I don't have the EOS M arrived in mail yet, so I just assumed I may need to "butcher". 



marsfoto said:


> Is there any good LCD protector for EOS M ?



I use Zagg Invisible shield on all my electronics. They can be 15-20$ depending on what they are for. For EOS M, I ordered a screen protector made for an older model Samsung smartphone, with 4 inch screen. I will just trim it to fit to EOS M screen. Why am I doing that? Because it's now just $2.

http://www.amazon.com/gp/offer-listing/B004J8YZ0A/ref=dp_olp_new?ie=UTF8&condition=new


----------



## TAF (Jul 10, 2013)

My "M" arrived today, and as I sit here waiting for the battery to charge, I can't help but think that this is the camera that could fit in a shoulder holster...

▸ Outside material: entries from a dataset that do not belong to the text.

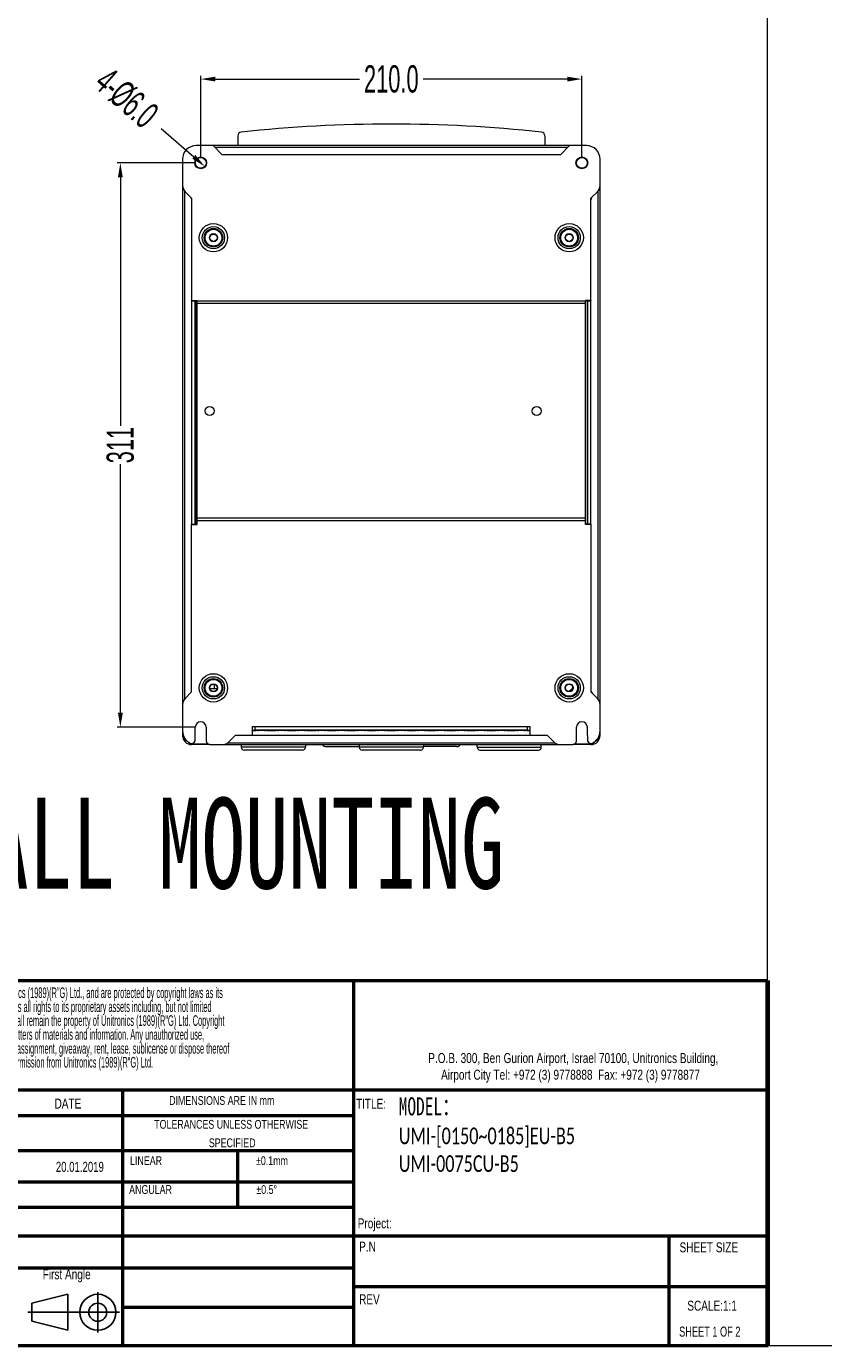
# Model space of a CAD drawing. Header units: millimetres. Extents: x -473 to 23648, y -382 to 1866.
# Tile 216 of 256: x 8236 to 8675, y -382 to 344. Entities that reach past the tile are written whole.
import ezdxf

# ---------------------------------------------------------------- set-up
doc = ezdxf.new("R2010")
doc.units = ezdxf.units.MM
doc.header["$LTSCALE"] = 80
doc.header["$PDMODE"] = 3
doc.header["$PDSIZE"] = 0.3
doc.layers.get('0').update_dxf_attribs({"linetype": 'CONTINUOUS'})
doc.layers.get('DEFPOINTS').update_dxf_attribs({"linetype": 'CONTINUOUS'})
for name, color, linetype in [('02___PRT_ALL_AXES', 7, 'CONTINUOUS'), ('09_ALL_ROUNDS', 7, 'CONTINUOUS'), ('10_ALL_CHAMFER', 7, 'CONTINUOUS'), ('20_ALL_FEATURES', 7, 'CONTINUOUS'), ('SLD-0', 7, 'CONTINUOUS')]:
    doc.layers.add(name, color=color, linetype=linetype)
doc.styles.add('SLDTEXTSTYLE0', font='TXT', dxfattribs={"width": 0.75})
doc.styles.add('SLDTEXTSTYLE1', font='TXT', dxfattribs={"width": 0.686449})
doc.styles.add('SLDTEXTSTYLE2', font='TXT', dxfattribs={"width": 0.6875})
doc.styles.add('SLDTEXTSTYLE3', font='TXT', dxfattribs={"width": 0.482098})
doc.styles.get("Standard").update_dxf_attribs({"font": 'technic_.ttf', "width": 0.7})
doc.dimstyles.get("Standard").update_dxf_attribs({"dimtxt": 3, "dimasz": 3, "dimexe": 0.18, "dimexo": 0.0625, "dimgap": 0.09, "dimtad": 1, "dimdsep": 46, "dimtxsty": 'STANDARD', "dimcen": 0.09, "dimadec": 0, "dimazin": 0, "dimtol": 1, "dimtp": 0.01, "dimtm": 0.01, "dimtfac": 1, "dimtofl": 0, "dimtmove": 0, "dimatfit": 3, "dimfxl": 1, "dimtolj": 1, "dimarcsym": 0})

# ---------------------------------------------------------------- blocks, each defined once
blk = doc.blocks.new('*D61')
at = {"color": 0, "lineweight": 0, "transparency": 16777216}
for p, q in [((8331.6, 272.5), (8331.6, 317.15)), ((8339.6, 315.35), (8419.01, 315.35)), ((8533.6, 315.35), (8454.19, 315.35)), ((8541.6, 272.5), (8541.6, 317.15))]:
    blk.add_line(p, q, dxfattribs=at)
for points in [[(8339.6, 316.68), (8339.6, 314.02), (8331.6, 315.35)], [(8533.6, 314.02), (8533.6, 316.68), (8541.6, 315.35)]]:
    blk.add_solid(points, dxfattribs=at)
at = {"layer": 'DEFPOINTS', "color": 0, "lineweight": 0, "transparency": 16777216}
for p in [(8541.6, 315.35), (8331.6, 270.7), (8541.6, 270.7)]:
    blk.add_point(p, dxfattribs=at)
at = {"color": 0, "lineweight": 0, "transparency": 16777216, "insert": (8436.6, 315.35), "char_height": 15, "attachment_point": 5}
blk.add_mtext('\\A1;210.0', dxfattribs=at)
blk = doc.blocks.new('*D71')
at = {"color": 0, "lineweight": 0, "transparency": 16777216}
for p, q in [((8328.3, 269.2), (8285.52, 269.2)), ((8287.32, 261.2), (8287.32, 124.29)), ((8287.32, -33.79), (8287.32, 103.11)), ((8328.3, -41.79), (8285.52, -41.79))]:
    blk.add_line(p, q, dxfattribs=at)
for points in [[(8288.66, 261.2), (8285.99, 261.2), (8287.32, 269.2)], [(8285.99, -33.79), (8288.66, -33.79), (8287.32, -41.79)]]:
    blk.add_solid(points, dxfattribs=at)
at = {"layer": 'DEFPOINTS', "color": 0, "lineweight": 0, "transparency": 16777216}
for p in [(8287.32, 269.2), (8330.1, 269.2), (8330.1, -41.79)]:
    blk.add_point(p, dxfattribs=at)
at = {"color": 0, "lineweight": 0, "transparency": 16777216, "insert": (8287.32, 113.7), "char_height": 15, "attachment_point": 5, "rotation": 90}
blk.add_mtext('\\A1;311', dxfattribs=at)
blk = doc.blocks.new('*D74')
at = {"color": 0, "lineweight": 0, "transparency": 16777216}
blk.add_line((8309.87, 288.16), (8327.83, 272.48), dxfattribs=at)
blk.add_solid([(8326.96, 271.48), (8328.71, 273.49), (8333.86, 267.23)], dxfattribs=at)
at = {"layer": 'DEFPOINTS', "color": 0, "lineweight": 0, "transparency": 16777216}
for p in [(8329.34, 271.17), (8333.86, 267.23)]:
    blk.add_point(p, dxfattribs=at)
at = {"color": 0, "lineweight": 0, "transparency": 16777216, "insert": (8290.68, 304.9), "char_height": 15, "attachment_point": 5, "rotation": 318.89671}
blk.add_mtext('\\A1;4-%%c6.0', dxfattribs=at)
blk = doc.blocks.new('Block1')
at = {"layer": 'SLD-0'}
for p, q in [((294.62, 17.06), (300.62, 18.56)), ((300.62, 18.56), (300.62, 12.56)), ((305.62, 18.94), (305.62, 12.19)), ((293.98, 15.56), (309.24, 15.56)), ((294.62, 14.06), (294.62, 17.06)), ((300.62, 12.56), (294.62, 14.06))]:
    blk.add_line(p, q, dxfattribs=at)
for radius in [3, 1.5]:
    blk.add_circle((305.62, 15.56), radius, dxfattribs=at)
blk = doc.blocks.new('SW_NOTE_0')
at = {"layer": 'SLD-0', "color": 0, "char_height": 1.5875, "attachment_point": 1, "style": 'SLDTEXTSTYLE3'}
for s, insert in [('The above constitute the property of Unitronics (1989)(R"G) Ltd., and are protected by copyright laws as its', (0, 2.05)), ('"creation". Unitronics (1989)(R"G) Ltd. retains all rights to its proprietary assets including, but not limited', (0, -0.04)), ('to the drawings, sketches and drafts, and shall remain the property of Unitronics (1989)(R"G) Ltd. Copyright', (0, -2.12)), ('protection claimed includes all forms and matters of materials and information. Any unauthorized use,', (0, -4.2)), ('copying, quoting, sale, distribution, transfer, assignment, giveaway, rent, lease, sublicense or dispose thereof', (0, -6.29)), ('are strictly prohibited without prior written permission from Unitronics (1989)(R"G) Ltd.', (0, -8.37))]:
    blk.add_mtext(s, dxfattribs=dict(at, insert=insert))
blk = doc.blocks.new('SW_NOTE_1')
at = {"layer": 'SLD-0', "color": 0, "attachment_point": 2, "style": 'SLDTEXTSTYLE0'}
for s, insert, char_height in [('TOLERANCES UNLESS OTHERWISE', (13.54, 1.71), 1.3229), ('SPECIFIED', (13.69, -1.06), 1.323)]:
    blk.add_mtext(s, dxfattribs=dict(at, insert=insert, char_height=char_height))
blk = doc.blocks.new('SW_NOTE_2')
at = {"color": 0, "linetype": 'Continuous', "lineweight": 0, "char_height": 1.5, "attachment_point": 2, "style": 'SLDTEXTSTYLE0'}
for s, insert in [('P.O.B. 300, Ben Gurion Airport, Israel 70100, Unitronics Building,', (29.41, 1.93)), ('Airport City Tel: +972 (3) 9778888  Fax: +972 (3) 9778877', (28.99, -0.57))]:
    blk.add_mtext(s, dxfattribs=dict(at, insert=insert))

msp = doc.modelspace()

# ---------------------------------------------------------------- linework, layer by layer
at = {"color": 0, "lineweight": 0}
for p, q in [((8643.84, -382.445), (8643.84, 784.392)), ((7268.152, -382.445), (9857.679, -382.445))]:
    msp.add_line(p, q, dxfattribs=at)
at = {"color": 0, "linetype": 'Continuous', "lineweight": 0}
for p, q in [((8534.841, 278.698), (8338.364, 278.698)), ((8533.843, 277.698), (8339.362, 277.698)), ((8321.603, 256.769), (8321.603, -29.373)), ((8551.603, -29.373), (8551.603, 256.769)), ((8322.603, 253.839), (8322.603, -26.443)), ((8550.603, -26.443), (8550.603, 253.839)), ((8346.462, -50.302), (8526.743, -50.302)), ((8343.532, -51.302), (8529.674, -51.302)), ((8353.953, -51.302), (8353.953, -52.802)), ((8389.253, -52.802), (8353.953, -52.802)), ((8387.753, -54.302), (8355.453, -54.302)), ((8389.253, -51.302), (8389.253, -52.802)), ((8400.753, -52.452), (8418.953, -52.452)), ((8418.953, -51.302), (8418.953, -52.802)), ((8454.253, -52.802), (8418.953, -52.802)), ((8452.753, -54.302), (8420.453, -54.302)), ((8454.253, -51.302), (8454.253, -52.802)), ((8472.453, -52.452), (8454.253, -52.452)), ((8483.953, -52.802), (8483.953, -51.302)), ((8483.953, -52.802), (8519.253, -52.802)), ((8485.453, -54.302), (8517.753, -54.302)), ((8519.253, -52.802), (8519.253, -51.302))]:
    msp.add_line(p, q, dxfattribs=at)
at = {"color": 7, "linetype": 'Continuous', "lineweight": 50}
for p, q in [((8145.464, -181.234), (8643.84, -181.234)), ((8415.804, -181.234), (8415.804, -382.445)), ((8643.84, -241.643), (8145.562, -241.643)), ((8288.71, -382.445), (8288.71, -241.643)), ((8415.804, -255.913), (8145.586, -255.913)), ((8415.804, -275.109), (8145.617, -275.109)), ((8351.932, -275.109), (8351.932, -306.431)), ((8415.804, -292.479), (8145.645, -292.479)), ((8415.804, -306.431), (8145.668, -306.431)), ((8147.656, -321.948), (8643.84, -321.948)), ((8589.679, -382.445), (8589.679, -321.948)), ((8288.71, -339.685), (8145.722, -339.685)), ((8643.84, -349.988), (8415.804, -349.988)), ((8145.792, -382.445), (8644.167, -382.445))]:
    msp.add_line(p, q, dxfattribs=at)
at = {"color": 7, "linetype": 'Continuous', "lineweight": 70}
msp.add_line((8643.84, -181.234), (8643.84, -382.445), dxfattribs=at)
at = {"color": 7, "linetype": 'Continuous', "lineweight": 35}
msp.add_line((8644.005, -241.643), (8643.84, -241.643), dxfattribs=at)
at = {"linetype": 'Continuous', "lineweight": 50}
for p, q in [((8415.804, -339.685), (8288.71, -339.685)), ((8415.804, -361.507), (8288.71, -361.507))]:
    msp.add_line(p, q, dxfattribs=at)
at = {"color": 0, "linetype": 'Continuous', "lineweight": 0}
for centre, radius, start, end in [((8355.453, -52.802), 1.5, 180, 270), ((8387.753, -52.802), 1.5, 270, 0), ((8400.753, -49.952), 2.5, 212.736822, 270), ((8420.453, -52.802), 1.5, 180, 270), ((8452.753, -52.802), 1.5, 270, 0), ((8472.453, -49.952), 2.5, 270, 327.263178), ((8485.453, -52.802), 1.5, 180, 270), ((8517.753, -52.802), 1.5, 270, 0)]:
    msp.add_arc(centre, radius, start, end, dxfattribs=at)
at = {"layer": '02___PRT_ALL_AXES', "color": 0, "linetype": 'Continuous', "lineweight": 0}
for p, q in [((8543.603, 170.02), (8543.821, 170.02)), ((8543.603, 168.82), (8543.821, 168.82)), ((8543.603, 80.42), (8543.821, 80.42)), ((8543.603, 79.22), (8543.821, 79.22)), ((8328.603, -46.312), (8328.603, -41.789)), ((8334.603, -41.789), (8334.603, -44.312)), ((8538.603, -44.312), (8538.603, -41.789)), ((8544.603, -46.312), (8544.603, -41.789))]:
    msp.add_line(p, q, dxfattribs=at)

It's smaller than a PPK (albeit a little thicker)...Bond, James Bond.


----------



## Phenix205 (Jul 10, 2013)

I bought a dashpoint 20 from my local Bestbuy, only $4.99 (apparently they were clearing the inventory). The M22 fits perfectly in it. I too am looking for a wrist strap.


----------



## play (Jul 10, 2013)

http://www.wotancraft.com/products/bags/eastwood/bch001-hektor.htm

Something like this would be nice...with price in 2 digits.


----------



## Zv (Jul 10, 2013)

play said:


> schill said:
> 
> 
> > play said:
> ...



Note - the manual states that a screen protector is not recommended as it may impair touchscreen sensitivity. Also the screen doesn't show finger prints and grime as much as other touchscreens like the iphone.


----------



## AudioGlenn (Jul 10, 2013)

Mine came today. I think I'll be carrying this one around my neck. It's so tiny compared to my mk3!


----------



## schill (Jul 10, 2013)

play said:


> schill said:
> 
> 
> > play said:
> ...



It's very easy.


----------



## spinworkxroy (Jul 10, 2013)

The proprietary lug that Canon give is OK. You can remove the original strap from the lug very easily..took me about 10 secs to remove each end…
I then bought a Paul Frank camera neck strap and i attached that to the lug..all in all..took me under 5mins to get it done.


----------



## play (Jul 11, 2013)

Got the M in mail today and yes it was easy to take apart the lug. 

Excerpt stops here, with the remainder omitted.